- Born: 9 December 1979 (age 46) Manchester, England
- Occupation: Television presenter
- Years active: present
- Employer: Sky Sports
- Children: 1

= Hayley McQueen =

English TV presenter

Hayley McQueen (born 9 December 1979) is a British TV sports presenter, reporter, RTS award-winning producer, and event host. She is a lead anchor on Sky Sports News and the presenter of Scottish Premiership and Scottish Cup. Prior to that, she hosted Sky Sports' flagship Saturday evening Football First Premier League highlights show Match Choice.

McQueen is also an awards presenter and regularly hosts corporate events. Alongside her Sky work, she presented for Premier League TV worldwide and has appeared as a guest host on BBC 5 Live football phone-in show, as well as hosting duties for Radio X show The Kickabout, standing in for Johnny Vaughan.

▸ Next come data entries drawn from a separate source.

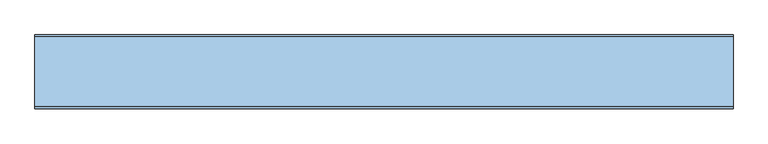
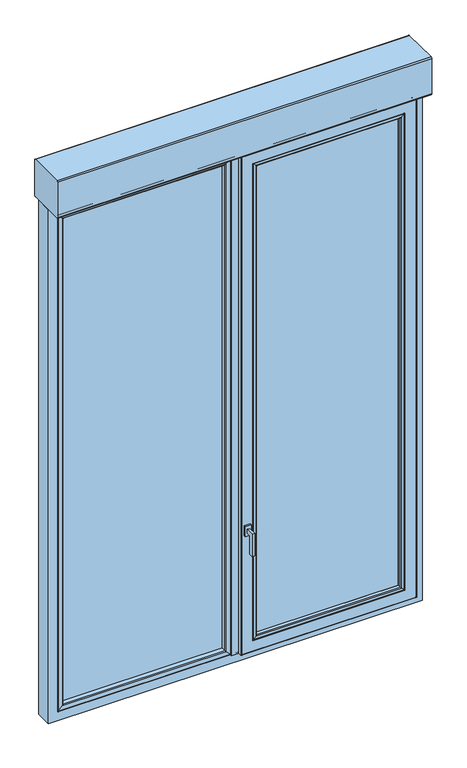
"""IFC4 building model written with IfcOpenShell, lengths in millimetres: window geometry, 2019_ES_Ventana_Replus_re80pvc301_11103_box_1-Hoja_Panel-Fijo-Lateral_con-Compacto : Salla."""

from ifc_helpers import new_model, si_unit, point, frame, frame_2d, origin, place, context, project, spatial, polyline, circle_curve, ellipse_curve, trimmed, segment, composite_curve, outline, extrude, source, transform, mapped, element, save
from ifc_brep_helpers import plane_surface, cylinder_surface, advanced_brep


def window_06f9a558(model_context):
    return source(origin(), model_context, "Body", "SolidModel", [
        extrude(outline(composite_curve([segment(polyline([(55.0, 3355.0), (-120.0, 3355.0)]), True, "CONTINUOUS"), segment(trimmed(circle_curve(frame_2d((-120.0, 3360.0)), 5.0), [point((-120.0, 3355.0))], [point((-125.0, 3360.0))], False, "CARTESIAN"), True, "CONTINUOUS"), segment(polyline([(-125.0, 3360.0), (-125.0, 3535.0)]), True, "CONTINUOUS"), segment(trimmed(circle_curve(frame_2d((-120.0, 3535.0)), 5.0), [point((-125.0, 3535.0))], [point((-120.0, 3540.0))], False, "CARTESIAN"), True, "CONTINUOUS"), segment(polyline([(-120.0, 3540.0), (55.0, 3540.0)]), True, "CONTINUOUS"), segment(trimmed(circle_curve(frame_2d((55.0, 3535.0)), 5.0), [point((55.0, 3540.0))], [point((60.0, 3535.0))], False, "CARTESIAN"), True, "CONTINUOUS"), segment(polyline([(60.0, 3535.0), (60.0, 3360.0)]), True, "CONTINUOUS"), segment(trimmed(circle_curve(frame_2d((55.0, 3360.0)), 5.0), [point((60.0, 3360.0))], [point((55.0, 3355.0))], False, "CARTESIAN"), True, "CONTINUOUS")], self_intersect=False)), frame((-875.0, 0.0, 0.0), z_axis=(1.0, 0.0, 0.0), x_axis=(0.0, 1.0, 0.0)), (0.0, 0.0, 1.0), 1750.0),
        extrude(outline(polyline([(-78.4999991, 1470.0), (-78.4999991, 1450.0), (-98.4999991, 1450.0), (-98.4999991, 1360.0), (-118.4999991, 1360.0), (-118.4999991, 1470.0), (-78.4999991, 1470.0)])), frame((38.5, 0.0, 0.0), z_axis=(1.0, 0.0, 0.0), x_axis=(0.0, 1.0, 0.0)), (0.0, 0.0, 1.0), 12.0),
        extrude(outline(polyline([(58.7312385, -78.4999991), (30.2687615, -78.4999991), (30.2687615, -68.4999991), (58.7312385, -68.4999991), (58.7312385, -78.4999991)])), frame((0.0, 0.0, 1435.217127), z_axis=(0.0, 0.0, 1.0), x_axis=(1.0, 0.0, 0.0)), (0.0, 0.0, 1.0), 49.565746),
        extrude(outline(polyline([(-37.0063666, 11.4999962), (-37.0063666, 7.4999962), (-809.1891471, 7.4999962), (-809.1891471, 11.4999962), (-37.0063666, 11.4999962)])), frame((0.0, 0.0, 875.6108529), z_axis=(0.0, 0.0, 1.0), x_axis=(1.0, 0.0, 0.0)), (0.0, 0.0, 1.0), 2413.7782941),
        extrude(outline(polyline([(-37.0063666, -6.5), (-37.0063666, -10.5), (-809.1891471, -10.5), (-809.1891471, -6.5), (-37.0063666, -6.5)])), frame((0.0, 0.0, 875.6108529), z_axis=(0.0, 0.0, 1.0), x_axis=(1.0, 0.0, 0.0)), (0.0, 0.0, 1.0), 2413.7782941),
        extrude(outline(polyline([(-37.0063666, -24.4999997), (-37.0063666, -28.4999997), (-809.1891471, -28.4999997), (-809.1891471, -24.4999997), (-37.0063666, -24.4999997)])), frame((0.0, 0.0, 875.6108529), z_axis=(0.0, 0.0, 1.0), x_axis=(1.0, 0.0, 0.0)), (0.0, 0.0, 1.0), 2413.7782941),
        advanced_brep(
        [(-22.1502489, -49.9816666, 3309.0497511), (-41.8192398, -49.2838062, 3289.3807602), (-41.8192398, -49.2838062, 875.6192398), (-22.1502489, -49.9816666, 855.9502489), (-46.4697163, -45.5846502, 3284.7302837), (-46.4697163, -45.5846502, 880.2697163), (-809.3807594, -49.2838062, 875.6192398), (-829.0497503, -49.9816666, 855.9502489), (-21.0, -48.871505, 3310.2), (-21.0, -48.871505, 854.8), (-51.0475336, -28.5000036, 3280.1524664), (-51.0475336, -28.5000036, 884.8475336), (-804.7302829, -45.5846502, 880.2697163), (-43.2922784, -28.5000036, 877.0922784), (-807.9077208, -28.5000036, 877.0922784), (-807.9077208, -28.5000036, 3287.9077216), (-43.2922784, -28.5000036, 3287.9077216), (-800.1524657, -28.5000036, 3280.1524664), (-800.1524657, -28.5000036, 884.8475336), (-35.4855, -36.306782, 3295.7145), (-35.4855, -36.306782, 869.2855), (-35.4855, -39.5069121, 3295.7145), (-35.4855, -39.5069121, 869.2855), (-815.7144993, -36.306782, 869.2855), (-21.0, -39.5069121, 854.8), (-830.1999993, -39.5069121, 854.8), (-830.1999993, -39.5069121, 3310.2), (-21.0, -39.5069121, 3310.2), (-815.7144993, -39.5069121, 3295.7145), (-815.7144993, -39.5069121, 869.2855), (-830.1999993, -48.871505, 854.8), (-809.3807594, -49.2838062, 3289.3807602), (-829.0497503, -49.9816666, 3309.0497511), (-804.7302829, -45.5846502, 3284.7302837), (-815.7144993, -36.306782, 3295.7145), (-830.1999993, -48.871505, 3310.2)],
        [
            (0, 1),
            (1, 2),
            (2, 3),
            (3, 0),
            (1, 4, ellipse_curve(frame((-41.6449168, -44.2918491, 3289.5550832), z_axis=(0.7071067811865475, 0.0, -0.7071067811865475), x_axis=(0.7071067811865474, 0.0, 0.7071067811865476)), 7.0639967, 4.995)),
            (4, 5),
            (5, 2, ellipse_curve(frame((-41.6449168, -44.2918491, 875.4449168), z_axis=(0.7071067811865475, 0.0, 0.7071067811865475), x_axis=(-0.7071067811865474, 0.0, 0.7071067811865476)), 7.0639967, 4.995)),
            (2, 6),
            (6, 7),
            (7, 3),
            (8, 0, ellipse_curve(frame((-22.1108601, -48.871505, 3309.0891399), z_axis=(0.7071067811865475, 0.0, -0.7071067811865475), x_axis=(0.7071067811865474, 0.0, 0.7071067811865476)), 1.5709935, 1.1108601)),
            (3, 9, ellipse_curve(frame((-22.1108601, -48.871505, 855.9108601), z_axis=(0.7071067811865475, 0.0, 0.7071067811865475), x_axis=(-0.7071067811865474, 0.0, 0.7071067811865476)), 1.5709935, 1.1108601)),
            (9, 8),
            (4, 10),
            (10, 11),
            (11, 5),
            (5, 12),
            (12, 6, ellipse_curve(frame((-809.5550824, -44.2918491, 875.4449168), z_axis=(0.7071067811865475, 0.0, -0.7071067811865475), x_axis=(0.7071067811865476, 0.0, 0.7071067811865474)), 7.0639967, 4.995)),
            (13, 14),
            (14, 15),
            (15, 16),
            (16, 13),
            (10, 17),
            (17, 18),
            (18, 11),
            (18, 12),
            (16, 19),
            (19, 20),
            (20, 13),
            (19, 21),
            (21, 22),
            (22, 20),
            (20, 23),
            (23, 14),
            (24, 25),
            (25, 26),
            (26, 27),
            (27, 24),
            (21, 28),
            (28, 29),
            (29, 22),
            (29, 23),
            (9, 24),
            (27, 8),
            (9, 30),
            (30, 25),
            (7, 30, ellipse_curve(frame((-829.0891391, -48.871505, 855.9108601), z_axis=(0.7071067811865475, 0.0, -0.7071067811865475), x_axis=(0.7071067811865476, 0.0, 0.7071067811865474)), 1.5709935, 1.1108601)),
            (6, 31),
            (31, 32),
            (32, 7),
            (12, 33),
            (33, 31, ellipse_curve(frame((-809.5550824, -44.2918491, 3289.5550832), z_axis=(-0.7071067811865475, 0.0, -0.7071067811865475), x_axis=(0.7071067811865474, 0.0, -0.7071067811865476)), 7.0639967, 4.995)),
            (17, 33),
            (23, 34),
            (34, 15),
            (28, 34),
            (30, 35),
            (35, 26),
            (32, 35, ellipse_curve(frame((-829.0891391, -48.871505, 3309.0891399), z_axis=(-0.7071067811865475, 0.0, -0.7071067811865475), x_axis=(0.7071067811865474, 0.0, -0.7071067811865476)), 1.5709935, 1.1108601)),
            (31, 1),
            (0, 32),
            (33, 4),
            (34, 19),
            (35, 8),
        ],
        [
            plane_surface(frame((-41.8192398, -49.2838062, 3289.3807602), z_axis=(-0.03545791932093311, -0.9993711702652975, 0.0), x_axis=(0.0, 0.0, -1.0))),
            cylinder_surface(frame((-41.6449168, -44.2918491, 3317.2), z_axis=(0.0, 0.0, 1.0), x_axis=(-1.0, 0.0, 0.0)), 4.995),
            plane_surface(frame((-41.8192398, -49.2838062, 875.6192398), z_axis=(0.0, -0.9993711702652976, 0.035457919320929884), x_axis=(-1.0, 0.0, 0.0))),
            cylinder_surface(frame((-22.1108601, -48.871505, 3317.2), z_axis=(0.0, 0.0, 1.0), x_axis=(-1.0, 0.0, 0.0)), 1.1108601),
            plane_surface(frame((-51.0475336, -28.5000036, 3280.1524664), z_axis=(-0.9659258262890619, -0.25881904510254483, 0.0), x_axis=(0.0, 0.0, -1.0))),
            cylinder_surface(frame((-14.0, -44.2918491, 875.4449168), z_axis=(1.0, 0.0, 0.0), x_axis=(0.0, 0.0, 1.0)), 4.995),
            plane_surface(frame((-807.9077208, -28.5000036, 3287.9077216), z_axis=(0.0, 1.0, 0.0), x_axis=(1.0, 0.0, 0.0))),
            plane_surface(frame((-51.0475336, -28.5000036, 884.8475336), z_axis=(0.0, -0.25881904510254794, 0.965925826289061), x_axis=(-1.0, 0.0, 0.0))),
            plane_surface(frame((-35.4855, -36.306782, 3295.7145), z_axis=(0.7071067811865617, 0.7071067811865334, 0.0), x_axis=(0.0, 0.0, -1.0))),
            plane_surface(frame((-35.4855, -39.5069121, 3295.7145), z_axis=(1.0, 0.0, 0.0), x_axis=(0.0, 0.0, -1.0))),
            plane_surface(frame((-35.4855, -36.306782, 869.2855), z_axis=(0.0, 0.7071067811865357, -0.7071067811865593), x_axis=(-1.0, 0.0, 0.0))),
            plane_surface(frame((-830.1999993, -39.5069121, 3310.2), z_axis=(0.0, 1.0, 0.0), x_axis=(1.0, 0.0, 0.0))),
            plane_surface(frame((-35.4855, -39.5069121, 869.2855), z_axis=(0.0, 0.0, -1.0), x_axis=(-1.0, 0.0, 0.0))),
            plane_surface(frame((-21.0, -46.2002121, 3310.2), z_axis=(1.0, 0.0, 0.0), x_axis=(0.0, 0.0, -1.0))),
            plane_surface(frame((-21.0, -46.2002121, 854.8), z_axis=(0.0, 0.0, -1.0), x_axis=(-1.0, 0.0, 0.0))),
            cylinder_surface(frame((-14.0, -48.871505, 855.9108601), z_axis=(1.0, 0.0, 0.0), x_axis=(0.0, 0.0, 1.0)), 1.1108601),
            plane_surface(frame((-809.3807594, -49.2838062, 875.6192398), z_axis=(0.03545791932092666, -0.9993711702652978, 0.0), x_axis=(0.0, 0.0, 1.0))),
            cylinder_surface(frame((-809.5550824, -44.2918491, 847.8), z_axis=(0.0, 0.0, -1.0), x_axis=(1.0, 0.0, 0.0)), 4.995),
            plane_surface(frame((-800.1524657, -28.5000036, 884.8475336), z_axis=(0.9659258262890602, -0.2588190451025511, 0.0), x_axis=(0.0, 0.0, 1.0))),
            plane_surface(frame((-815.7144993, -36.306782, 869.2855), z_axis=(-0.707106781186557, 0.707106781186538, 0.0), x_axis=(0.0, 0.0, 1.0))),
            plane_surface(frame((-815.7144993, -39.5069121, 869.2855), z_axis=(-1.0, 0.0, 0.0), x_axis=(0.0, 0.0, 1.0))),
            plane_surface(frame((-830.1999993, -46.2002121, 854.8), z_axis=(-1.0, 0.0, 0.0), x_axis=(0.0, 0.0, 1.0))),
            cylinder_surface(frame((-829.0891391, -48.871505, 847.8), z_axis=(0.0, 0.0, -1.0), x_axis=(1.0, 0.0, 0.0)), 1.1108601),
            plane_surface(frame((-809.3807594, -49.2838062, 3289.3807602), z_axis=(0.0, -0.9993711702652976, -0.035457919320929884), x_axis=(1.0, 0.0, 0.0))),
            cylinder_surface(frame((-837.1999993, -44.2918491, 3289.5550832), z_axis=(-1.0, 0.0, 0.0), x_axis=(0.0, 0.0, -1.0)), 4.995),
            plane_surface(frame((-800.1524657, -28.5000036, 3280.1524664), z_axis=(0.0, -0.258819045102548, -0.9659258262890611), x_axis=(1.0, 0.0, 0.0))),
            plane_surface(frame((-815.7144993, -36.306782, 3295.7145), z_axis=(0.0, 0.7071067811865357, 0.7071067811865593), x_axis=(1.0, 0.0, 0.0))),
            plane_surface(frame((-815.7144993, -39.5069121, 3295.7145), z_axis=(0.0, 0.0, 1.0), x_axis=(1.0, 0.0, 0.0))),
            plane_surface(frame((-830.1999993, -46.2002121, 3310.2), z_axis=(0.0, 0.0, 1.0), x_axis=(1.0, 0.0, 0.0))),
            cylinder_surface(frame((-837.1999993, -48.871505, 3309.0891399), z_axis=(-1.0, 0.0, 0.0), x_axis=(0.0, 0.0, -1.0)), 1.1108601),
        ],
        [
            (0, [[1, 2, 3, 4]]),
            (1, [[5, 6, 7, -2]]),
            (2, [[-3, 8, 9, 10]]),
            (3, [[11, -4, 12, 13]]),
            (4, [[14, 15, 16, -6]]),
            (5, [[-7, 17, 18, -8]]),
            (6, [[19, 20, 21, 22], [23, 24, 25, -15]]),
            (7, [[-16, -25, 26, -17]]),
            (8, [[27, 28, 29, -22]]),
            (9, [[30, 31, 32, -28]]),
            (10, [[-29, 33, 34, -19]]),
            (11, [[35, 36, 37, 38], [39, 40, 41, -31]]),
            (12, [[-32, -41, 42, -33]]),
            (13, [[-13, 43, -38, 44]]),
            (14, [[-43, 45, 46, -35]]),
            (15, [[-12, -10, 47, -45]]),
            (16, [[-9, 48, 49, 50]]),
            (17, [[-18, 51, 52, -48]]),
            (18, [[-26, -24, 53, -51]]),
            (19, [[-34, 54, 55, -20]]),
            (20, [[-42, -40, 56, -54]]),
            (21, [[-46, 57, 58, -36]]),
            (22, [[-47, -50, 59, -57]]),
            (23, [[-49, 60, -1, 61]]),
            (24, [[-52, 62, -5, -60]]),
            (25, [[-53, -23, -14, -62]]),
            (26, [[-55, 63, -27, -21]]),
            (27, [[-56, -39, -30, -63]]),
            (28, [[-58, 64, -44, -37]]),
            (29, [[-59, -61, -11, -64]]),
        ],
    ),
        extrude(outline(polyline([(3252.0, 772.1999993), (3252.0, 81.0), (912.8, 81.0), (912.8, 772.1999993), (3252.0, 772.1999993)]), holes=[polyline([(920.8, 764.1999993), (920.8, 89.0), (3244.0, 89.0), (3244.0, 764.1999993), (920.8, 764.1999993)])]), frame((0.0, -27.0000002, 0.0), z_axis=(0.0, 1.0, 0.0), x_axis=(0.0, 0.0, 1.0)), (0.0, 0.0, 1.0), 16.0000002),
        extrude(outline(polyline([(3252.0, 772.1999993), (3252.0, 81.0), (912.8, 81.0), (912.8, 772.1999993), (3252.0, 772.1999993)]), holes=[polyline([(920.8, 764.1999993), (920.8, 89.0), (3244.0, 89.0), (3244.0, 764.1999993), (920.8, 764.1999993)])]), frame((0.0, -47.0000002, 0.0), z_axis=(0.0, 1.0, 0.0), x_axis=(0.0, 0.0, 1.0)), (0.0, 0.0, 1.0), 16.0000002),
        extrude(outline(polyline([(3283.3891471, -43.0063666), (3283.3891471, -803.1891471), (881.8608529, -803.1891471), (881.8608529, -43.0063666), (3283.3891471, -43.0063666)]), holes=[polyline([(889.8608529, -51.0063666), (889.8608529, -795.1891471), (3275.3891471, -795.1891471), (3275.3891471, -51.0063666), (889.8608529, -51.0063666)])]), frame((0.0, -24.5, 0.0), z_axis=(0.0, 1.0, 0.0), x_axis=(0.0, 0.0, 1.0)), (0.0, 0.0, 1.0), 14.0),
        extrude(outline(polyline([(3283.3891471, -43.0063666), (3283.3891471, -803.1891471), (881.8608529, -803.1891471), (881.8608529, -43.0063666), (3283.3891471, -43.0063666)]), holes=[polyline([(889.8608529, -51.0063666), (889.8608529, -795.1891471), (3275.3891471, -795.1891471), (3275.3891471, -51.0063666), (889.8608529, -51.0063666)])]), frame((0.0, -6.5, 0.0), z_axis=(0.0, 1.0, 0.0), x_axis=(0.0, 0.0, 1.0)), (0.0, 0.0, 1.0), 14.0),
        advanced_brep(
        [(48.1911809, 11.5, 3285.2), (48.1911809, 11.5, 879.8), (48.1911809, -11.9999991, 879.8), (48.1911809, -11.9999991, 3285.2), (805.1999993, 11.5, 3285.2), (805.1999993, 11.5, 879.8), (88.2020856, 11.5, 919.8109047), (765.1890945, 11.5, 919.8109047), (765.1890945, 11.5, 3245.1890953), (88.2020856, 11.5, 3245.1890953), (805.1999993, -11.9999991, 879.8), (35.1911809, -11.9999991, 3298.2), (818.1999993, -11.9999991, 3298.2), (818.1999993, -11.9999991, 866.8), (35.1911809, -11.9999991, 866.8), (805.1999993, -11.9999991, 3285.2), (35.1911809, -50.0, 866.8), (35.1911809, -50.0, 3298.2), (818.1999993, -50.0, 866.8), (15.1911809, -50.0, 3318.2), (838.1999993, -50.0, 3318.2), (838.1999993, -50.0, 846.8), (15.1911809, -50.0, 846.8), (818.1999993, -50.0, 3298.2), (15.1911809, -65.4999991, 3318.2), (15.1911809, -65.4999991, 846.8), (838.1999993, -65.4999991, 846.8), (18.1911809, -68.4999991, 3315.2), (18.1911809, -68.4999991, 849.8), (835.1999993, -68.4999991, 849.8), (835.1999993, -68.4999991, 3315.2), (70.9541209, -68.4999991, 3262.43706), (782.4370593, -68.4999991, 3262.43706), (782.4370593, -68.4999991, 902.56294), (70.9541209, -68.4999991, 902.56294), (72.1911809, -67.2629391, 3261.2), (72.1911809, -67.2629391, 903.8), (781.1999993, -67.2629391, 903.8), (72.7423375, -67.7951848, 3260.6488434), (72.7423375, -67.7951848, 904.3511566), (780.6488427, -67.7951848, 904.3511566), (85.7676831, -67.3403297, 3247.6234978), (85.7676831, -67.3403297, 917.3765022), (767.6234971, -67.3403297, 917.3765022), (89.4917884, -64.3780426, 3243.8993925), (89.4917884, -64.3780426, 921.1006075), (763.8993918, -64.3780426, 921.1006075), (92.8970803, -51.6693201, 3240.4941006), (92.8970803, -51.6693201, 924.5058994), (760.4940999, -51.6693201, 924.5058994), (92.3834932, -51.0000003, 3241.0076877), (92.3834932, -51.0000003, 923.9923123), (761.007687, -51.0000003, 923.9923123), (81.1911809, -51.0000003, 3252.2), (772.1999993, -51.0000003, 3252.2), (772.1999993, -51.0000003, 912.8), (81.1911809, -51.0000003, 912.8), (761.007687, -51.0000003, 3241.0076877), (81.1911809, -56.4999995, 3252.2), (81.1911809, -56.4999995, 912.8), (772.1999993, -56.4999995, 912.8), (69.1911809, -56.4999995, 3264.2), (784.1999993, -56.4999995, 3264.2), (784.1999993, -56.4999995, 900.8), (69.1911809, -56.4999995, 900.8), (772.1999993, -56.4999995, 3252.2), (69.1911809, -25.6153717, 3264.2), (69.1911809, -25.6153717, 900.8), (784.1999993, -25.6153717, 900.8), (66.574961, -6.9999997, 3266.8162199), (66.574961, -6.9999997, 898.1837801), (786.8162192, -6.9999997, 898.1837801), (786.8162192, -6.9999997, 3266.8162199), (87.1911809, -6.9999997, 3246.2), (766.1999993, -6.9999997, 3246.2), (766.1999993, -6.9999997, 918.8), (87.1911809, -6.9999997, 918.8), (87.1911809, -3.0000033, 3246.2), (87.1911809, -3.0000033, 918.8), (766.1999993, -3.0000033, 918.8), (766.1999993, -3.0000033, 3246.2), (93.7172496, -3.0000033, 3239.6739313), (759.6739305, -3.0000033, 3239.6739313), (759.6739305, -3.0000033, 925.3260687), (93.7172496, -3.0000033, 925.3260687), (94.2153834, -2.3508228, 3239.1757976), (94.2153834, -2.3508228, 925.8242024), (759.1757968, -2.3508228, 925.8242024), (91.0998631, 9.2764571, 3242.2913178), (91.0998631, 9.2764571, 922.7086822), (762.2913171, 9.2764571, 922.7086822), (838.1999993, -65.4999991, 3318.2), (781.1999993, -67.2629391, 3261.2), (780.6488427, -67.7951848, 3260.6488434), (767.6234971, -67.3403297, 3247.6234978), (763.8993918, -64.3780426, 3243.8993925), (760.4940999, -51.6693201, 3240.4941006), (784.1999993, -25.6153717, 3264.2), (759.1757968, -2.3508228, 3239.1757976), (762.2913171, 9.2764571, 3242.2913178)],
        [
            (0, 1),
            (1, 2),
            (2, 3),
            (3, 0),
            (0, 4),
            (4, 5),
            (5, 1),
            (6, 7),
            (7, 8),
            (8, 9),
            (9, 6),
            (5, 10),
            (10, 2),
            (11, 12),
            (12, 13),
            (13, 14),
            (14, 11),
            (10, 15),
            (15, 3),
            (14, 16),
            (16, 17),
            (17, 11),
            (13, 18),
            (18, 16),
            (19, 20),
            (20, 21),
            (21, 22),
            (22, 19),
            (18, 23),
            (23, 17),
            (24, 19),
            (22, 25),
            (25, 24),
            (21, 26),
            (26, 25),
            (27, 24, ellipse_curve(frame((18.1911809, -65.4999991, 3315.2), z_axis=(-0.7071067811865475, 0.0, -0.7071067811865475), x_axis=(-0.7071067811865474, 0.0, 0.7071067811865476)), 4.2426407, 3.0)),
            (25, 28, ellipse_curve(frame((18.1911809, -65.4999991, 849.8), z_axis=(-0.7071067811865475, 0.0, 0.7071067811865475), x_axis=(0.7071067811865474, 0.0, 0.7071067811865476)), 4.2426407, 3.0)),
            (28, 27),
            (26, 29, ellipse_curve(frame((835.1999993, -65.4999991, 849.8), z_axis=(-0.7071067811865475, 0.0, -0.7071067811865475), x_axis=(-0.7071067811865476, 0.0, 0.7071067811865474)), 4.2426407, 3.0)),
            (29, 28),
            (29, 30),
            (30, 27),
            (31, 32),
            (32, 33),
            (33, 34),
            (34, 31),
            (35, 31, ellipse_curve(frame((70.9541209, -67.2629391, 3262.43706), z_axis=(-0.7071067811865475, 0.0, -0.7071067811865475), x_axis=(-0.7071067811865474, 0.0, 0.7071067811865476)), 1.7494671, 1.23706)),
            (34, 36, ellipse_curve(frame((70.9541209, -67.2629391, 902.56294), z_axis=(-0.7071067811865475, 0.0, 0.7071067811865475), x_axis=(0.7071067811865474, 0.0, 0.7071067811865476)), 1.7494671, 1.23706)),
            (36, 35),
            (33, 37, ellipse_curve(frame((782.4370593, -67.2629391, 902.56294), z_axis=(-0.7071067811865475, 0.0, -0.7071067811865475), x_axis=(-0.7071067811865476, 0.0, 0.7071067811865474)), 1.7494671, 1.23706)),
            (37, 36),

She is the former co-presenter of Sky Sports Champions League, as well as other Sky Sports football programming and once weekly Sportswomen programme.

==Early life==
McQueen was born in 1979 in Manchester, and also lived in Scotland and Bangkok, before settling in Hutton Rudby in North Yorkshire in 1994.

==Television career==
McQueen began her television career working as a runner and production assistant for Richard and Judy before joining the television channel of Middlesbrough's Boro TV as a reporter and producer. She then joined Middlesbrough FC's "Football in the Community" scheme before being head hunted by Sky Sports News where she became a presenter.

She also presented on Fox Sports. McQueen left Sky Television in December 2006 and took up a position on MUTV, where she was main match day anchor and presented and produced the news, daily talk and match day live build up and phone-in shows as well as conducting regular interviews with players past and present.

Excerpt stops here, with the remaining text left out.